Questa sentenza ha un significato storico nella misura in cui aiuta a definire i limiti del potere presidenziale. La Corte, adita il 25 aprile, è tuttavia criticata per la lentezza con cui ha esaminato il caso. Ricordiamo che in altri tempi poteva essere più desiderosa di risolvere le questioni più serie.

Nel giugno 1971, ad esempio, gli ci vollero solo quattro giorni, dopo le arringhe orali, per vietare all’amministrazione Nixon di bloccare la pubblicazione da parte del New York Times dei Pentagon Papers sulla storia segreta della guerra del Vietnam. Tre anni dopo, nel luglio 1974, ci vollero sedici giorni per costringere la stessa Amministrazione a consegnare al Congresso le non meno famose registrazioni segrete che avrebbero fatto precipitare il presidente nello scandalo Watergate. Più vicino a noi, nelle settimane successive alle memorabili elezioni presidenziali del 2000, alla Corte Suprema bastarono solo ventiquattr’ore per decidere di fermare il riconteggio delle schede in Florida, mandando così George W. Bush alla Casa Bianca.

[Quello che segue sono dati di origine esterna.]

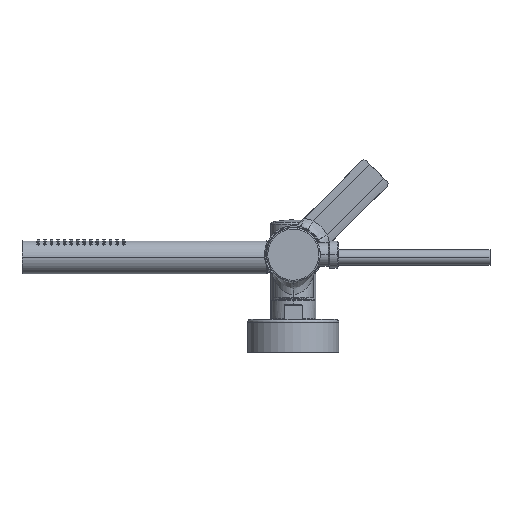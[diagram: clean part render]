
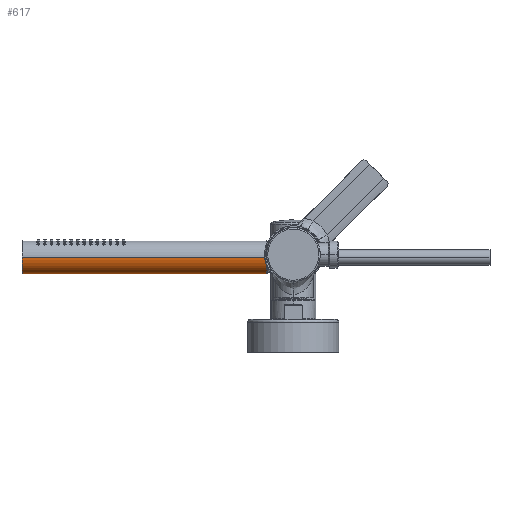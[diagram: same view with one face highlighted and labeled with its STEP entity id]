
A CAD part, left-side view. The second image highlights one B-rep face of the part: STEP entity #617.
In plain terms, the highlighted cylindrical face has radius 12.5 mm (diameter 25 mm), a partial arc.
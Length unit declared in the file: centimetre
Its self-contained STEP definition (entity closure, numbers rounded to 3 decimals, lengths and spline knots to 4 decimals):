
#617=ADVANCED_FACE('',(#2409),#27854,.T.);
#2409=FACE_OUTER_BOUND('',#4261,.T.);
#4261=EDGE_LOOP('',(#6406,#6407,#6408,#6409));
#6406=ORIENTED_EDGE('',*,*,#15132,.F.);
#6407=ORIENTED_EDGE('',*,*,#15133,.F.);
#6408=ORIENTED_EDGE('',*,*,#15136,.T.);
#6409=ORIENTED_EDGE('',*,*,#15099,.F.);
#15099=EDGE_CURVE('',#25053,#25055,#21715,.T.);
#15132=EDGE_CURVE('',#25052,#25053,#19502,.T.);
#15133=EDGE_CURVE('',#25054,#25052,#21744,.T.);
#15136=EDGE_CURVE('',#25054,#25055,#19505,.T.);
#19502=TRIMMED_CURVE($,#20600,(#41615),(#41616),.T.,.CARTESIAN.);
#19505=TRIMMED_CURVE($,#20603,(#41626),(#41627),.T.,.CARTESIAN.);
#20600=CIRCLE('',#29804,1.25);
#20603=CIRCLE('',#29807,1.25);
#21715=B_SPLINE_CURVE_WITH_KNOTS('',1,(#40172,#40173),.UNSPECIFIED.,.F.,
 .F.,(2,2),(-186.4,0.),.UNSPECIFIED.);
#21744=B_SPLINE_CURVE_WITH_KNOTS('',1,(#41617,#41618),.UNSPECIFIED.,.F.,
 .F.,(2,2),(0.,186.4),.UNSPECIFIED.);
#25052=VERTEX_POINT('',#39452);
#25053=VERTEX_POINT('',#39453);
#25054=VERTEX_POINT('',#39454);
#25055=VERTEX_POINT('',#39455);
#27854=CYLINDRICAL_SURFACE('',#29418,1.25);
#29418=AXIS2_PLACEMENT_3D('',#35925,#31972,$);
#29804=AXIS2_PLACEMENT_3D($,#41614,#32366,#32367);
#29807=AXIS2_PLACEMENT_3D($,#41625,#32372,#32373);
#31972=DIRECTION('',(0.,1.,0.));
#32366=DIRECTION('',(0.,1.,0.));
#32367=DIRECTION('',(1.,0.,0.));
#32372=DIRECTION('',(0.,1.,0.));
#32373=DIRECTION('',(1.,0.,0.));
#35925=CARTESIAN_POINT('',(24.155,11.35,-0.2137));
#39452=CARTESIAN_POINT('',(25.405,20.67,-0.2137));
#39453=CARTESIAN_POINT('',(22.905,20.67,-0.2137));
#39454=CARTESIAN_POINT('',(25.405,2.03,-0.2137));
#39455=CARTESIAN_POINT('',(22.905,2.03,-0.2137));
#40172=CARTESIAN_POINT('',(22.905,20.67,-0.2137));
#40173=CARTESIAN_POINT('',(22.905,2.03,-0.2137));
#41614=CARTESIAN_POINT('',(24.155,20.67,-0.2137));
#41615=CARTESIAN_POINT('',(25.405,20.67,-0.2137));
#41616=CARTESIAN_POINT('',(22.905,20.67,-0.2137));
#41617=CARTESIAN_POINT('',(25.405,2.03,-0.2137));
#41618=CARTESIAN_POINT('',(25.405,20.67,-0.2137));
#41625=CARTESIAN_POINT('',(24.155,2.03,-0.2137));
#41626=CARTESIAN_POINT('',(25.405,2.03,-0.2137));
#41627=CARTESIAN_POINT('',(22.905,2.03,-0.2137));
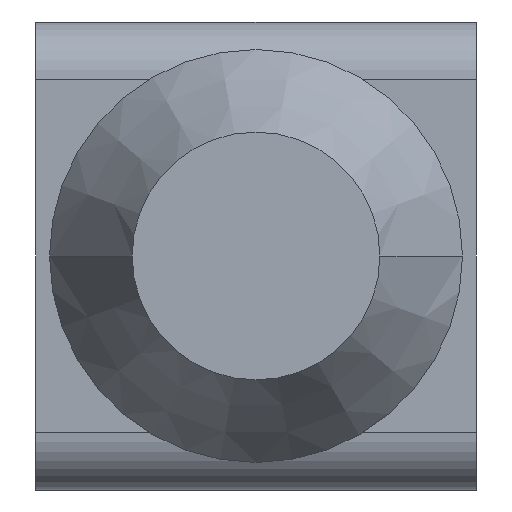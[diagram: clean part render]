
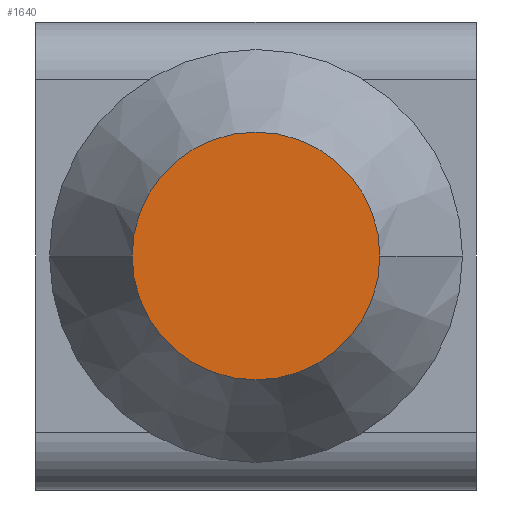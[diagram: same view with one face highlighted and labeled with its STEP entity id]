
A CAD part, front view. The second image highlights one B-rep face of the part: STEP entity #1640.
In plain terms, the highlighted planar face has unit normal (0, -1, 0).
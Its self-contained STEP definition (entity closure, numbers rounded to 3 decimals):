
#29 = DIRECTION ( 'NONE',  ( 0., -1., 0. ) ) ;
#48 = EDGE_LOOP ( 'NONE', ( #1359, #1946 ) ) ;
#125 = PLANE ( 'NONE',  #1561 ) ;
#170 = EDGE_CURVE ( 'NONE', #328, #392, #1371, .T. ) ;
#191 = FACE_OUTER_BOUND ( 'NONE', #48, .T. ) ;
#283 = CARTESIAN_POINT ( 'NONE',  ( 0., 0., 0. ) ) ;
#328 = VERTEX_POINT ( 'NONE', #457 ) ;
#344 = CIRCLE ( 'NONE', #2063, 4.5 ) ;
#392 = VERTEX_POINT ( 'NONE', #1243 ) ;
#457 = CARTESIAN_POINT ( 'NONE',  ( 4.5, 0., 0. ) ) ;
#752 = DIRECTION ( 'NONE',  ( 1., 0., 0. ) ) ;
#1016 = DIRECTION ( 'NONE',  ( -1., 0., 0. ) ) ;
#1201 = EDGE_CURVE ( 'NONE', #392, #328, #344, .T. ) ;
#1243 = CARTESIAN_POINT ( 'NONE',  ( -4.5, 0., 0. ) ) ;
#1359 = ORIENTED_EDGE ( 'NONE', *, *, #1201, .F. ) ;
#1371 = CIRCLE ( 'NONE', #1793, 4.5 ) ;
#1419 = DIRECTION ( 'NONE',  ( -1., 0., 0. ) ) ;
#1561 = AXIS2_PLACEMENT_3D ( 'NONE', #2404, #29, #752 ) ;
#1640 = ADVANCED_FACE ( 'NONE', ( #191 ), #125, .T. ) ;
#1793 = AXIS2_PLACEMENT_3D ( 'NONE', #2095, #1850, #1419 ) ;
#1850 = DIRECTION ( 'NONE',  ( 0., 1., 0. ) ) ;
#1946 = ORIENTED_EDGE ( 'NONE', *, *, #170, .F. ) ;
#2063 = AXIS2_PLACEMENT_3D ( 'NONE', #283, #2162, #1016 ) ;
#2095 = CARTESIAN_POINT ( 'NONE',  ( 0., 0., 0. ) ) ;
#2162 = DIRECTION ( 'NONE',  ( 0., 1., 0. ) ) ;
#2404 = CARTESIAN_POINT ( 'NONE',  ( -4.5, 0., 0. ) ) ;
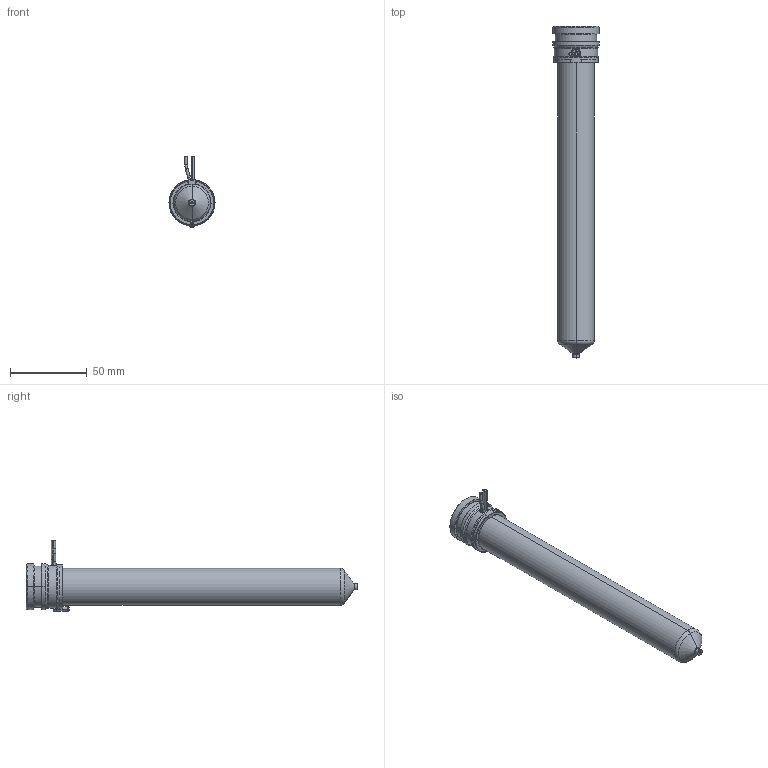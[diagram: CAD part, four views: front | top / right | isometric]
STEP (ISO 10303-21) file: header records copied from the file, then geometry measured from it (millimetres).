
FILE_DESCRIPTION((''),'2;1');
FILE_NAME('MPN-10-29-VP4-196-A','2026-02-05T12:43:41',('UPTIO'),('Thermoplay S.p.A.'),'CREO PARAMETRIC BY PTC INC, 2023494','CREO PARAMETRIC BY PTC INC, 2023494','');
FILE_SCHEMA(('CONFIG_CONTROL_DESIGN','SHAPE_APPEARANCE_LAYERS_GROUPS'));
Length unit declared in the file: millimetre
Products named in the file (1): MPN-10-29-VP4-196-A
Bounding box: 30 x 216.1 x 46 mm (x, y, z)
Volume: 66865.2 mm3; surface area: 68093.8 mm2
Topology: 2 solids, 3 shells, 580 faces, 1543 edges, 961 vertices
Faces by surface type: cylinder 180, plane 153, bspline 98, torus 70, cone 68, sphere 7, extrusion 4
Entity records: 32883 total; most frequent: CARTESIAN_POINT 15969, ORIENTED_EDGE 3074, DIRECTION 2691, EDGE_CURVE 1537, AXIS2_PLACEMENT_3D 1063, VERTEX_POINT 961, EDGE_LOOP 608, CIRCLE 584

Lasciamo che gli elettori si esprimano in anticipo

Da lì a pensare che la maggioranza conservatrice della Corte Suprema si sia trascinata consapevolmente in aiuto di Donald Trump, c’è solo un passo, tanto più rapido poiché sappiamo che tre dei nove giudici sono stati nominati dall’ex presidente. Certamente la Corte ha manifestato in più di un’occasione il suo desiderio di indipendenza. Tuttavia, nel caso di specie, prendendosi il suo tempo, ha di fatto concesso al candidato repubblicano l’immunità che cercava, fermando l’orologio giudiziario e rinviando indefinitamente i processi che sta affrontando, a Washington e in Georgia.

Semplice conseguenza della molteplicità dei ricorsi, o strategia deliberata, legata anche all’imbarazzo provocato da una situazione senza precedenti? Potrebbe, infatti, sembrare delicato prendere decisioni che avrebbero portato all’esclusione dalle elezioni presidenziali di un candidato, soprattutto di uno che sembra essere il favorito. Potrebbe quindi essere conveniente lasciare che gli elettori si esprimano prima, posticipando i termini di legge.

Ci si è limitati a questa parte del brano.